Re: [net-next PATCH V3-evictor] net: frag evictor, avoid killing warm frag queues
From: Jesper Dangaard Brouer <hidden>
Date: 2012-12-06 12:26:46
On Wed, 2012-12-05 at 10:24 +0100, Jesper Dangaard Brouer wrote:
The previous evictor patch of letting new fragments enter, worked amazingly well. But I suspect, this might also be related to a bug/problem in the evictor loop (which were being hidden by that patch).
The evictor loop does not contain a bug, just a SMP scalability issue (which is fixed by later patches). The first evictor patch, which does not let new fragments enter, only worked amazingly well because its hiding this (and other) scalability issues, and implicit allowing frags already "in" to exceed the mem usage for 1 jiffie. Thus, invalidating the patch, as the improvement were only a side effect.

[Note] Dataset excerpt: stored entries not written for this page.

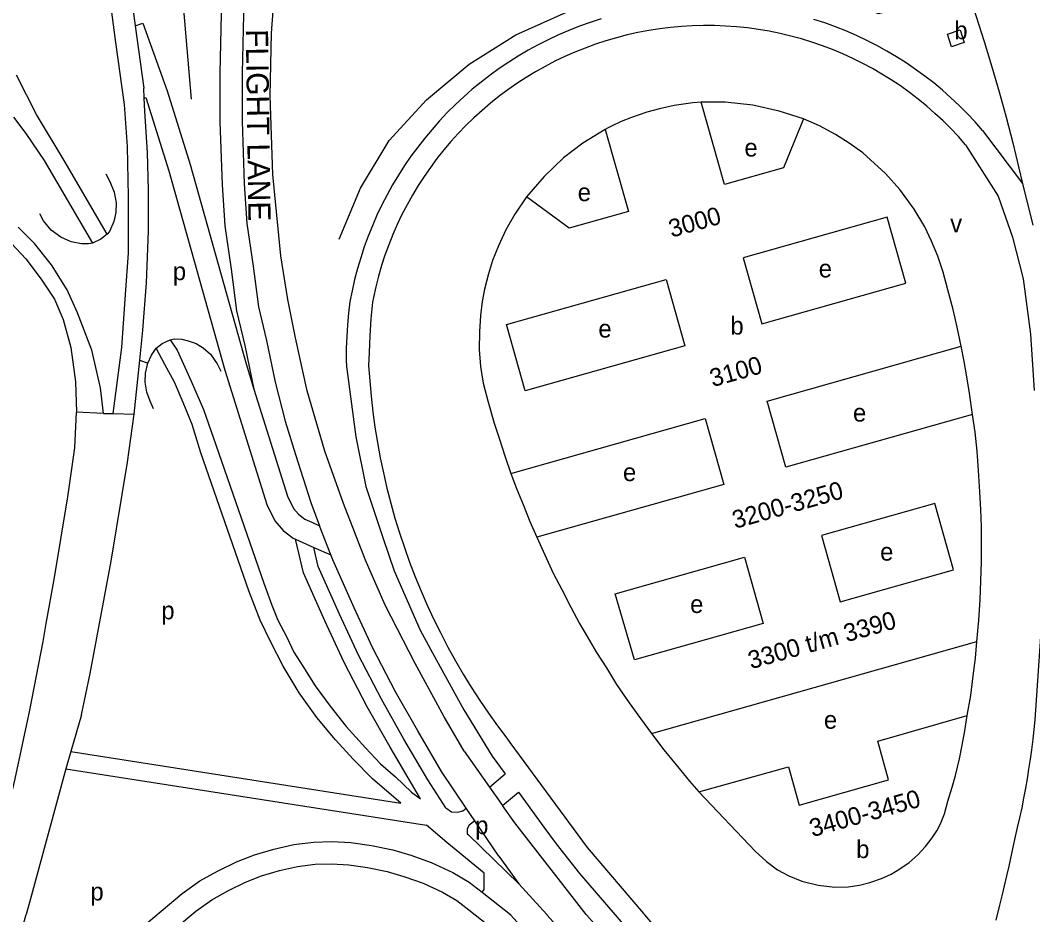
# Model space of a CAD drawing. Extents: x 154765 to 156627, y 383996 to 386132.
# Drawn here: x 155994.8 to 156222.1, y 384500 to 384700.7 of the extents above; entities that cross this region are included whole.
import ezdxf

# ---------------------------------------------------------------- set-up
doc = ezdxf.new("R2010")
doc.units = 0
for name, color, linetype in [('BLT_Basislijn', 7, 'Continuous'), ('BLT_Bebouwing', 7, 'Continuous'), ('BLT_Centroide', 7, 'Continuous'), ('BLT_Huisnummer_reeks', 7, 'Continuous'), ('BLT_Straatnaam', 7, 'Continuous'), ('BLT_Vlakafsluiter', 7, 'Continuous')]:
    doc.layers.add(name, color=color, linetype=linetype)

msp = doc.modelspace()

# ---------------------------------------------------------------- linework, layer by layer
at = {"layer": 'BLT_Basislijn'}
for p, q in [((156051.2, 384697.77), (156052.39, 384714.22)), ((156020.01, 384703.9), (156020.62, 384699.44)), ((156016.28, 384695.72), (156015.36, 384702.5)), ((156020.62, 384699.44), (156022.52, 384685.48)), ((156050.9, 384683.71), (156051.2, 384697.77)), ((156018.21, 384681.82), (156016.28, 384695.72)), ((155998.44, 384679.58), (155993.92, 384688.4)), ((156022.61, 384683.21), (156022.52, 384685.48)), ((156022.73, 384680.31), (156022.61, 384683.21)), ((156051.5, 384666.07), (156050.9, 384683.71)), ((156018.86, 384672.34), (156018.21, 384681.82)), ((155993.28, 384678.94), (155996.07, 384675.28)), ((156004.89, 384668.83), (155998.44, 384679.58)), ((156023.38, 384671.05), (156022.73, 384680.31)), ((156210.86, 384675.98), (156219.83, 384664.1)), ((155996.07, 384675.28), (156000.16, 384669.26)), ((156019.07, 384661.13), (156018.86, 384672.34)), ((156207.06, 384672.73), (156214.35, 384661.21)), ((156000.16, 384669.26), (156011.01, 384650.71)), ((156023.59, 384662.64), (156023.38, 384671.05)), ((156012.51, 384655.75), (156004.89, 384668.83)), ((156053.29, 384647.82), (156051.5, 384666.07)), ((156023.59, 384653.38), (156023.59, 384662.64)), ((156219.83, 384664.1), (156222.15, 384654.75)), ((156019.07, 384648.42), (156019.07, 384661.13)), ((156214.35, 384661.21), (156217.58, 384652.06)), ((156014.3, 384652.72), (156012.51, 384655.75)), ((155997.96, 384650.58), (155994.3, 384654.24)), ((156023.16, 384641.74), (156023.59, 384653.38)), ((156217.58, 384652.06), (156220, 384642.64)), ((155992.8, 384650.58), (155996.03, 384647.13)), ((156001.84, 384645.84), (155997.96, 384650.58)), ((155996.03, 384647.13), (155999.47, 384642.6)), ((156018.42, 384639.16), (156019.07, 384648.42)), ((156054.84, 384638.01), (156053.29, 384647.82)), ((156005.29, 384640.23), (156001.84, 384645.84)), ((155999.47, 384642.6), (156002.49, 384638.08)), ((156022.3, 384631.18), (156023.16, 384641.74)), ((156220, 384642.64), (156221.62, 384630.26)), ((156007.66, 384635.06), (156005.29, 384640.23)), ((156002.49, 384638.08), (156004.43, 384633.55)), ((156017.56, 384627.3), (156018.42, 384639.16)), ((156056.62, 384629.46), (156054.84, 384638.01)), ((156010.89, 384626.66), (156007.66, 384635.06)), ((156004.43, 384633.55), (156006.15, 384627.3)), ((156021.64, 384624.4), (156022.3, 384631.18)), ((156028.45, 384628.98), (156030, 384626.66)), ((156059.21, 384617.53), (156056.62, 384629.46)), ((156221.62, 384630.26), (156222.42, 384617.61)), ((156006.15, 384627.3), (156007.23, 384619.55)), ((156012.83, 384618.25), (156010.89, 384626.66)), ((156015.62, 384612.44), (156017.56, 384627.3)), ((156027.22, 384623.48), (156025.29, 384627.08)), ((156030, 384626.66), (156033.18, 384619.7)), ((156021.22, 384620.19), (156021.64, 384624.4)), ((156029.41, 384619.5), (156027.22, 384623.48)), ((156068.02, 384622.98), (156070.15, 384607.25)), ((156007.23, 384619.55), (156007.44, 384612.74)), ((156020.36, 384612.31), (156021.22, 384620.19)), ((156031.39, 384614.93), (156029.41, 384619.5)), ((156033.18, 384619.7), (156035.96, 384613.34)), ((156013.47, 384612.44), (156012.83, 384618.25)), ((156063.18, 384604.02), (156059.21, 384617.53)), ((156033.38, 384609.96), (156031.39, 384614.93)), ((156007.01, 384604.76), (156007.44, 384612.74)), ((156013.47, 384612.44), (156015.62, 384612.44)), ((156018.86, 384601.53), (156020.36, 384612.31)), ((156035.96, 384613.34), (156038.74, 384605.43)), ((156035.37, 384603.64), (156033.38, 384609.96)), ((156038.74, 384605.43), (156049.47, 384574.42)), ((156070.15, 384607.25), (156072.38, 384596.11)), ((156005.5, 384593.78), (156007.01, 384604.76)), ((156046.09, 384572.63), (156035.37, 384603.64)), ((156067.35, 384592.29), (156063.18, 384604.02)), ((156015.19, 384579.34), (156018.86, 384601.53)), ((156072.38, 384596.11), (156076.27, 384584.41)), ((156002.49, 384575.68), (156005.5, 384593.78)), ((156072.32, 384579.57), (156067.35, 384592.29)), ((156064.52, 384580.76), (156062.01, 384587.28)), ((156056.6, 384584.23), (156060.7, 384582.4)), ((156076.27, 384584.41), (156078.78, 384577.17)), ((156060.7, 384582.4), (156064.52, 384580.76)), ((156064.97, 384579.59), (156064.52, 384580.76)), ((156010.46, 384554.13), (156015.19, 384579.34)), ((156069.73, 384568.86), (156064.97, 384579.59)), ((156076.69, 384569.43), (156072.32, 384579.57)), ((156078.78, 384577.17), (156084.62, 384563.8)), ((156000.6, 384565.31), (156002.49, 384575.68)), ((156049.47, 384574.42), (156051.26, 384569.45)), ((156048.68, 384566.08), (156046.09, 384572.63)), ((156051.26, 384569.45), (156052.65, 384566.08)), ((156083.44, 384556.32), (156076.69, 384569.43)), ((156073.91, 384559.91), (156069.73, 384568.86)), ((156051.06, 384561.11), (156048.68, 384566.08)), ((156052.65, 384566.08), (156054.64, 384562.3)), ((156054.64, 384562.3), (156056.23, 384558.92)), ((156084.62, 384563.8), (156088.24, 384557.12)), ((156053.84, 384555.74), (156051.06, 384561.11)), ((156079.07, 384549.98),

My new *theory* is that the evictor loop, will be looping too much, if it finds a fragment which is INET_FRAG_COMPLETE ... in that case, we don't advance the LRU list, and thus will pickup the exact same inet_frag_queue again in the loop... to get out of the loop we need another CPU or packet to change the LRU list for us... I'll test that theory... (its could also be CPUs fighting over the same LRU head element that cause this) ... more to come...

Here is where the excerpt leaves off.